- **What the task asks**:
Only the images get left out; everything else in the records is to be transcribed exactly.

- **Raw data**:
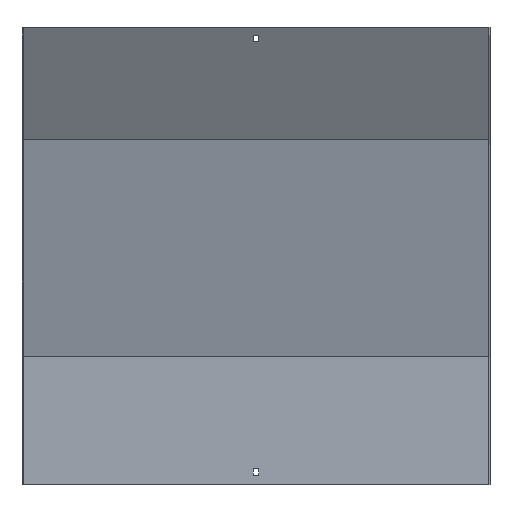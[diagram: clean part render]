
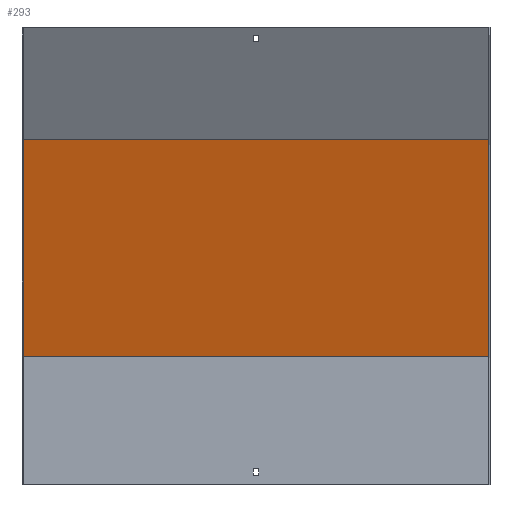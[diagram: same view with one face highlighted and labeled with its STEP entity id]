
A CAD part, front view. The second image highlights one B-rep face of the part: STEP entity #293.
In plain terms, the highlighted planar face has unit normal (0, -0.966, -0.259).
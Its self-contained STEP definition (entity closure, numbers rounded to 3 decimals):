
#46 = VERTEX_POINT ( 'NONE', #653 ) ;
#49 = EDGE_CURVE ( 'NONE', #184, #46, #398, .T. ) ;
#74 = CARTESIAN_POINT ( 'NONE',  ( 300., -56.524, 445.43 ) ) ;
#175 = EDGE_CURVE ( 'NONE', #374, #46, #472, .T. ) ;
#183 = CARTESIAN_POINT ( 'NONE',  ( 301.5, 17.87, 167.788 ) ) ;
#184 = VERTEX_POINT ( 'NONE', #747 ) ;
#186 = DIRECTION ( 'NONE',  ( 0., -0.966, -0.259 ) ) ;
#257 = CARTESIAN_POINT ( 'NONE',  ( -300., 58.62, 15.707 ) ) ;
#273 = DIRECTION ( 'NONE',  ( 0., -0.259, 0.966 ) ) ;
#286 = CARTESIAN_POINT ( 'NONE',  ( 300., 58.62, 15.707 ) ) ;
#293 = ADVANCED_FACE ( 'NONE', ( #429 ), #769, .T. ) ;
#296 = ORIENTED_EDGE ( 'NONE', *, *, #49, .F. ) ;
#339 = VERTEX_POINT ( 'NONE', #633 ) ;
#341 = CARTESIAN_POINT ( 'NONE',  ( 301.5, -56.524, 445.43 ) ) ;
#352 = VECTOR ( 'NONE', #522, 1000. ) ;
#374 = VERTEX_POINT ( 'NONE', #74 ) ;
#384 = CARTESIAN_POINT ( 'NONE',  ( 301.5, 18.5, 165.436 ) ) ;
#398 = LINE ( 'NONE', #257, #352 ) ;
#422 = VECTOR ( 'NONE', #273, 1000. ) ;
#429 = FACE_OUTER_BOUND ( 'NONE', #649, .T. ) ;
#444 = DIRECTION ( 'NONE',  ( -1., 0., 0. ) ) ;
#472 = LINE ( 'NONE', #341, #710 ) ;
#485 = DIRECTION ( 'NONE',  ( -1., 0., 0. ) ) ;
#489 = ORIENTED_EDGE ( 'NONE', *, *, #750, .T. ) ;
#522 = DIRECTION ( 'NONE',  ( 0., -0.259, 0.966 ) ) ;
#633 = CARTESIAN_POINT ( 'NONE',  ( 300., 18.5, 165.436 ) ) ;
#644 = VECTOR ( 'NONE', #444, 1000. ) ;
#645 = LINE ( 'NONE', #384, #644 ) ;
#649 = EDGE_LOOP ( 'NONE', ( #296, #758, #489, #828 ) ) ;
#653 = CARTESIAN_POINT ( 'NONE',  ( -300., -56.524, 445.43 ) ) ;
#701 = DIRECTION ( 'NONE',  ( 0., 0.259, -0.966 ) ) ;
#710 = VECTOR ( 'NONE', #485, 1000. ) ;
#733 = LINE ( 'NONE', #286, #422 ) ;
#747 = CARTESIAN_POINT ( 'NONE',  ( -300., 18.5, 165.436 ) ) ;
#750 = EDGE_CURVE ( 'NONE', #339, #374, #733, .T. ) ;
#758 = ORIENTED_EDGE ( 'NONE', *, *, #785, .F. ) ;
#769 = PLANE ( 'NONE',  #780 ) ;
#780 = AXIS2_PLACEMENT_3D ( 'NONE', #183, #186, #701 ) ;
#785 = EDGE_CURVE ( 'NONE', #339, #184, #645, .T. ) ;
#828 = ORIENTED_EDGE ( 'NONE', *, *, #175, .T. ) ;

- **Exercise response**:
[diagram: clean part render]
[diagram: same view with one face highlighted and labeled with its STEP entity id]
A CAD part, front view. The second image highlights one B-rep face of the part: STEP entity #293.
In plain terms, the highlighted planar face has unit normal (0, -0.966, -0.259).
Its self-contained STEP definition (entity closure, numbers rounded to 3 decimals):
#46 = VERTEX_POINT ( 'NONE', #653 ) ;
#49 = EDGE_CURVE ( 'NONE', #184, #46, #398, .T. ) ;
#74 = CARTESIAN_POINT ( 'NONE',  ( 300., -56.524, 445.43 ) ) ;
#175 = EDGE_CURVE ( 'NONE', #374, #46, #472, .T. ) ;
#183 = CARTESIAN_POINT ( 'NONE',  ( 301.5, 17.87, 167.788 ) ) ;
#184 = VERTEX_POINT ( 'NONE', #747 ) ;
#186 = DIRECTION ( 'NONE',  ( 0., -0.966, -0.259 ) ) ;
#257 = CARTESIAN_POINT ( 'NONE',  ( -300., 58.62, 15.707 ) ) ;
#273 = DIRECTION ( 'NONE',  ( 0., -0.259, 0.966 ) ) ;
#286 = CARTESIAN_POINT ( 'NONE',  ( 300., 58.62, 15.707 ) ) ;
#293 = ADVANCED_FACE ( 'NONE', ( #429 ), #769, .T. ) ;
#296 = ORIENTED_EDGE ( 'NONE', *, *, #49, .F. ) ;
#339 = VERTEX_POINT ( 'NONE', #633 ) ;
#341 = CARTESIAN_POINT ( 'NONE',  ( 301.5, -56.524, 445.43 ) ) ;
#352 = VECTOR ( 'NONE', #522, 1000. ) ;
#374 = VERTEX_POINT ( 'NONE', #74 ) ;
#384 = CARTESIAN_POINT ( 'NONE',  ( 301.5, 18.5, 165.436 ) ) ;
#398 = LINE ( 'NONE', #257, #352 ) ;
#422 = VECTOR ( 'NONE', #273, 1000. ) ;
#429 = FACE_OUTER_BOUND ( 'NONE', #649, .T. ) ;
#444 = DIRECTION ( 'NONE',  ( -1., 0., 0. ) ) ;
#472 = LINE ( 'NONE', #341, #710 ) ;
#485 = DIRECTION ( 'NONE',  ( -1., 0., 0. ) ) ;
#489 = ORIENTED_EDGE ( 'NONE', *, *, #750, .T. ) ;
#522 = DIRECTION ( 'NONE',  ( 0., -0.259, 0.966 ) ) ;
#633 = CARTESIAN_POINT ( 'NONE',  ( 300., 18.5, 165.436 ) ) ;
#644 = VECTOR ( 'NONE', #444, 1000. ) ;
#645 = LINE ( 'NONE', #384, #644 ) ;
#649 = EDGE_LOOP ( 'NONE', ( #296, #758, #489, #828 ) ) ;
#653 = CARTESIAN_POINT ( 'NONE',  ( -300., -56.524, 445.43 ) ) ;
#701 = DIRECTION ( 'NONE',  ( 0., 0.259, -0.966 ) ) ;
#710 = VECTOR ( 'NONE', #485, 1000. ) ;
#733 = LINE ( 'NONE', #286, #422 ) ;
#747 = CARTESIAN_POINT ( 'NONE',  ( -300., 18.5, 165.436 ) ) ;
#750 = EDGE_CURVE ( 'NONE', #339, #374, #733, .T. ) ;
#758 = ORIENTED_EDGE ( 'NONE', *, *, #785, .F. ) ;
#769 = PLANE ( 'NONE',  #780 ) ;
#780 = AXIS2_PLACEMENT_3D ( 'NONE', #183, #186, #701 ) ;
#785 = EDGE_CURVE ( 'NONE', #339, #184, #645, .T. ) ;
#828 = ORIENTED_EDGE ( 'NONE', *, *, #175, .T. ) ;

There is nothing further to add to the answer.